» INPUT DATA

· · ·

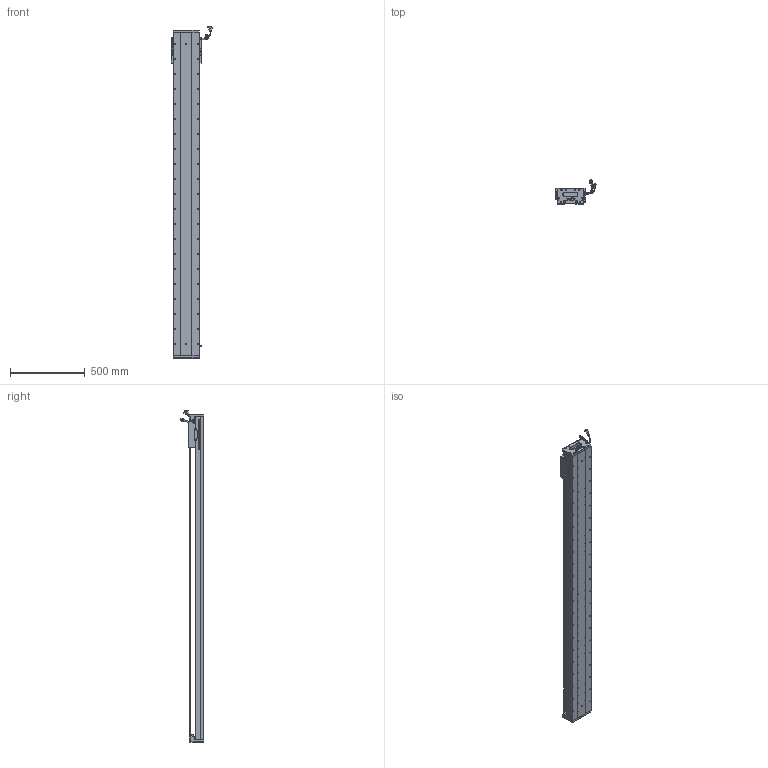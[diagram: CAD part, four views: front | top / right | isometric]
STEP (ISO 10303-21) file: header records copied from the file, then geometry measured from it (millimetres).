
FILE_DESCRIPTION (( 'STEP AP203' ), '1' );
FILE_NAME ('Z2-RY170D-1-L500-B-K.SLDASM_1900.step', '2021-05-17T09:09:20', ( '盈信电脑' ), ( '东莞市道滘镇水果街19号' ), 'SwSTEP 2.0', 'SolidWorks 2016', '' );
FILE_SCHEMA (( 'CONFIG_CONTROL_DESIGN' ));
Length unit declared in the file: millimetre
Products named in the file (36): Z2-RY170-L500詩湍145mm遵_1900; LABEL; Z-RY170詩湍狟揤裔; SCALE-Part-1; Z2-RY170D-1-L500-B-K.SLDASM_1900; RY170直线电机感应器672光电感应片; HOLDER0; SEAL; HARNESS-Part-2; Z-RY170詩湍奻揤裔; COVER-Part-1; SHIELDPLATE; 080黍杅芛假蚾釱21遴; SEAL-Part-1; 榋妏寠巭燃_暯_M2_2; SCREW-M1.6-3; 140雄赽晤鎢ん堤盄; 覜茼ん672; SCREW-M1.7; LABEL-Part-1; 140蚥薯蝶輸; SCREW-M1.6-1; SCREW-M1.6; SCREW-M1.6-2; Z2-RY170-L500耀郪菁釱_1900; COVER; HARNESS-Part-1; Z2-RY170臏賑輸(21遴); SCALE; PSLH080_PSLF2; Z-170詩湍傷裔啣; 170-Z-臏賑輸盄裔(21遴); HARNESS; PBU_SHEET; SCALE-Part-2; SCREW-M1.7-1
Assembly tree (41 placements, depth 4):
  Z2-RY170D-1-L500-B-K.SLDASM_1900
    Z2-RY170-L500耀郪菁釱_1900
    RY170直线电机感应器672光电感应片
    Z2-RY170臏賑輸(21遴)
    覜茼ん672  x3
    PSLH080_PSLF2
      SCALE
        SCALE-Part-1
        SCALE-Part-2
      HARNESS
        HARNESS-Part-1
        HARNESS-Part-2
      LABEL
        LABEL-Part-1
      COVER
        COVER-Part-1
      SEAL
        SEAL-Part-1
      榋妏寠巭燃_暯_M2_2
      SHIELDPLATE
      SCREW-M1.7
      SCREW-M1.7-1
      PBU_SHEET
      SCREW-M1.6
      SCREW-M1.6-1
      SCREW-M1.6-2
      SCREW-M1.6-3
      HOLDER0
    080黍杅芛假蚾釱21遴
    Z2-RY170-L500詩湍145mm遵_1900
    Z-170詩湍傷裔啣  x2
    Z-RY170詩湍奻揤裔  x2
    Z-RY170詩湍狟揤裔  x2
    140蚥薯蝶輸  x2
    170-Z-臏賑輸盄裔(21遴)
    140雄赽晤鎢ん堤盄
Bounding box: 275.34 x 158.11 x 2213.72 mm (x, y, z)
Volume: 11041050.9 mm3; surface area: 2728692.1 mm2
Topology: 36 solids, 36 shells, 3758 faces, 10333 edges, 6463 vertices
Faces by surface type: cylinder 1848, plane 1268, cone 520, torus 69, bspline 53
Entity records: 116393 total; most frequent: CARTESIAN_POINT 31908, ORIENTED_EDGE 17230, DIRECTION 16263, EDGE_CURVE 8615, AXIS2_PLACEMENT_3D 5984, VERTEX_POINT 5581, VECTOR 4295, LINE 4295

· · ·

» EXERCISE PROMPT
Your answer must be the records above, word for word, with no pictures.

» WRITTEN ANSWER
[diagram: CAD part, four views: front | top / right | isometric]
STEP (ISO 10303-21) file: header records copied from the file, then geometry measured from it (millimetres).
FILE_DESCRIPTION (( 'STEP AP203' ), '1' );
FILE_NAME ('Z2-RY170D-1-L500-B-K.SLDASM_1900.step', '2021-05-17T09:09:20', ( '盈信电脑' ), ( '东莞市道滘镇水果街19号' ), 'SwSTEP 2.0', 'SolidWorks 2016', '' );
FILE_SCHEMA (( 'CONFIG_CONTROL_DESIGN' ));
Length unit declared in the file: millimetre
Products named in the file (36): Z2-RY170-L500詩湍145mm遵_1900; LABEL; Z-RY170詩湍狟揤裔; SCALE-Part-1; Z2-RY170D-1-L500-B-K.SLDASM_1900; RY170直线电机感应器672光电感应片; HOLDER0; SEAL; HARNESS-Part-2; Z-RY170詩湍奻揤裔; COVER-Part-1; SHIELDPLATE; 080黍杅芛假蚾釱21遴; SEAL-Part-1; 榋妏寠巭燃_暯_M2_2; SCREW-M1.6-3; 140雄赽晤鎢ん堤盄; 覜茼ん672; SCREW-M1.7; LABEL-Part-1; 140蚥薯蝶輸; SCREW-M1.6-1; SCREW-M1.6; SCREW-M1.6-2; Z2-RY170-L500耀郪菁釱_1900; COVER; HARNESS-Part-1; Z2-RY170臏賑輸(21遴); SCALE; PSLH080_PSLF2; Z-170詩湍傷裔啣; 170-Z-臏賑輸盄裔(21遴); HARNESS; PBU_SHEET; SCALE-Part-2; SCREW-M1.7-1
Assembly tree (41 placements, depth 4):
  Z2-RY170D-1-L500-B-K.SLDASM_1900
    Z2-RY170-L500耀郪菁釱_1900
    RY170直线电机感应器672光电感应片
    Z2-RY170臏賑輸(21遴)
    覜茼ん672  x3
    PSLH080_PSLF2
      SCALE
        SCALE-Part-1
        SCALE-Part-2
      HARNESS
        HARNESS-Part-1
        HARNESS-Part-2
      LABEL
        LABEL-Part-1
      COVER
        COVER-Part-1
      SEAL
        SEAL-Part-1
      榋妏寠巭燃_暯_M2_2
      SHIELDPLATE
      SCREW-M1.7
      SCREW-M1.7-1
      PBU_SHEET
      SCREW-M1.6
      SCREW-M1.6-1
      SCREW-M1.6-2
      SCREW-M1.6-3
      HOLDER0
    080黍杅芛假蚾釱21遴
    Z2-RY170-L500詩湍145mm遵_1900
    Z-170詩湍傷裔啣  x2
    Z-RY170詩湍奻揤裔  x2
    Z-RY170詩湍狟揤裔  x2
    140蚥薯蝶輸  x2
    170-Z-臏賑輸盄裔(21遴)
    140雄赽晤鎢ん堤盄
Bounding box: 275.34 x 158.11 x 2213.72 mm (x, y, z)
Volume: 11041050.9 mm3; surface area: 2728692.1 mm2
Topology: 36 solids, 36 shells, 3758 faces, 10333 edges, 6463 vertices
Faces by surface type: cylinder 1848, plane 1268, cone 520, torus 69, bspline 53
Entity records: 116393 total; most frequent: CARTESIAN_POINT 31908, ORIENTED_EDGE 17230, DIRECTION 16263, EDGE_CURVE 8615, AXIS2_PLACEMENT_3D 5984, VERTEX_POINT 5581, VECTOR 4295, LINE 4295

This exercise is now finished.